Our client TZ, a national of China, approached OTS Solicitors after refusal of her leave to remain as a tier 1 Entrepreneur Visa and a high net worth investor. She had previously been granted leave to enter as tier 1 entrepreneur applicant and had established successful businesses in the UK into which she had invested significant amount of funds. At the time of her extension application she was the director of the company she incorporated and was employing 4 workers.
Her tier 1 entrepreneur extension application was refused for alleged failure to provide a piece of specified evidence. As our client approached our business investment and immigration department after refusal of her application that carried a right of administrative review our business immigration lawyers conducted an initial consultation to assess the reasons of refusal and any possible grounds of challenge.
The client was advised that the missing evidence was not mandatory, as the other documents provided with her leave to remain application provided the specified information. She was also advised of her options and that administrative review was her next step as an investor she would not have a right of appeal. She was advised that this was a statutory remedy and, although it was unlikely to succeed due to the Home Office established practice of refusing administrative review requests, our lawyers explained that any judicial review claim was unlikely to succeed if administrative review was not sought.
While administrative review was pending, our investment and tier 1 entrepreneur immigration team requested the client's file from previous representatives, in order to carry full assessment of the case to detect any possible and hidden issues that might lead to further refusals.
After receiving the expected refusal of the administrative review, our lawyers issued the Home office with a pre-action letter requesting withdrawal of the erroneous decision and reconsideration of our client's tier 1 entrepreneur decision. Our business immigration lawyers argued that specified information had been provided and as such was sufficient. Further to this, argument was made, based on home office evidential flexibility policy, that the Respondent should have requested any such further evidence they felt necessary for considering the application.
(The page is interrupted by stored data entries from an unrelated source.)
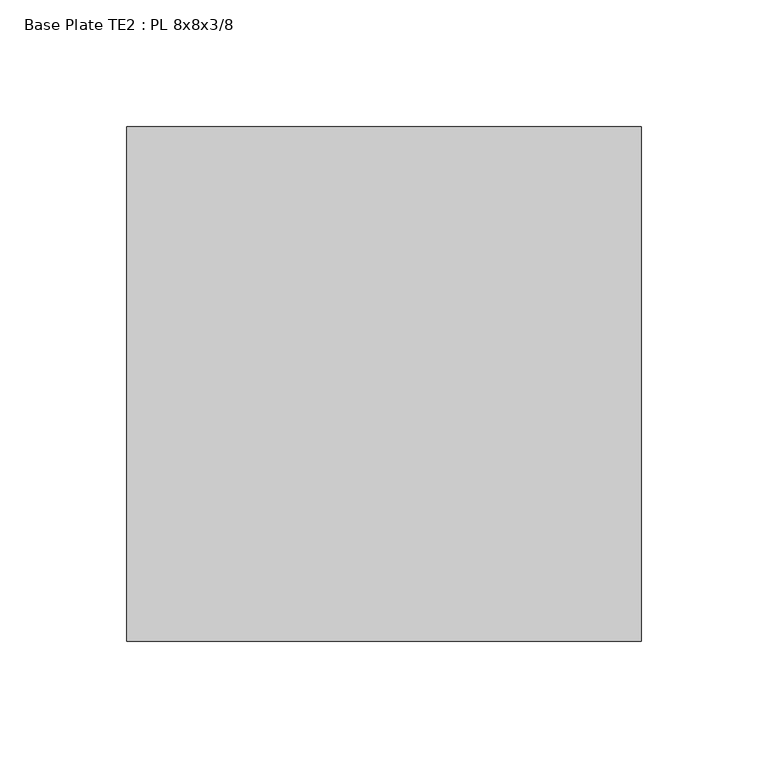
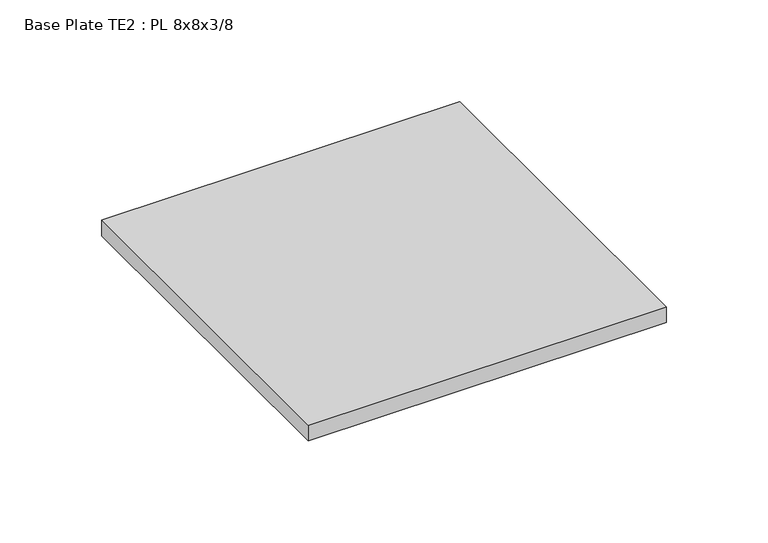
"""IFC4 building model written with IfcOpenShell, lengths in millimetres: proxy geometry, Base Plate TE2 : PL 8x8x3/8."""

from ifc_helpers import new_model, si_unit, frame, origin, place, context, project, spatial, polyline, outline, extrude, source, transform, mapped, element, save


def base_plate_te2_pl_8x8x3_8_a4684d66(model_context):
    return source(origin(), model_context, "Body", "SweptSolid", [
        extrude(outline(polyline([(590318.6599233, -533941.0913841), (590318.6599233, -534144.2913841), (590115.4599233, -534144.2913841), (590115.4599233, -533941.0913841), (590318.6599233, -533941.0913841)])), frame((0.0, 0.0, 19.05), z_axis=(0.0, 0.0, 1.0), x_axis=(1.0, 0.0, 0.0)), (0.0, 0.0, 1.0), 9.525),
    ])


if __name__ == "__main__":
    model = new_model("IFC4")
    model_context = context("Model", 3, world=origin())
    ifc_project = project(units=[si_unit("LENGTHUNIT", "METRE", prefix="MILLI")], contexts=[model_context])
    site = spatial("IfcSite", under=ifc_project)
    building = spatial("IfcBuilding", under=site)
    placement = place(None, origin())
    base_plate_te2_pl_8x8x3_8_shape = base_plate_te2_pl_8x8x3_8_a4684d66(model_context)
    element("IfcBuildingElementProxy", 1, Name="Base Plate TE2 : PL 8x8x3/8", ObjectType="Base Plate TE2 : PL 8x8x3/8", at=placement, inside=building, context=model_context, shape_type="MappedRepresentation", body=[
        mapped(base_plate_te2_pl_8x8x3_8_shape, transform((0.0, 0.0, 0.0), x_axis=(1.0, 0.0, 0.0), y_axis=(0.0, 1.0, 0.0), z_axis=(0.0, 0.0, 1.0))),
    ])
    save(model, "model.ifc")

# Revit data of these elements
# Element 1 (IfcBuildingElementProxy, "Base Plate TE2 : PL 8x8x3/8")
#   Materials on its faces: "GALV. STL BASE PLATE"
# Materials
#   "GALV. STL BASE PLATE": class "Generic", colour RGB 211 211 207, transparency 0, Cost = 0

No response was received in the 14 days allowed for the Respondent to respond to the pre-action letter. judicial review proceedings were started and lodged. On the same day, after the lodging of the judicial review claim, response was received from the Respondent, agreeing to reconsider our client's application. Negotiations started with the Respondent to settle the judicial review claim and the Respondent, also agreed to pay our client's costs.
Shortly after, our business immigration team was contacted by the Home Office confirming a new decision was made and that our client was to be granted 2 years further leave in tier 1 entrepreneur category and our client would continue to invest in ther UK businesses.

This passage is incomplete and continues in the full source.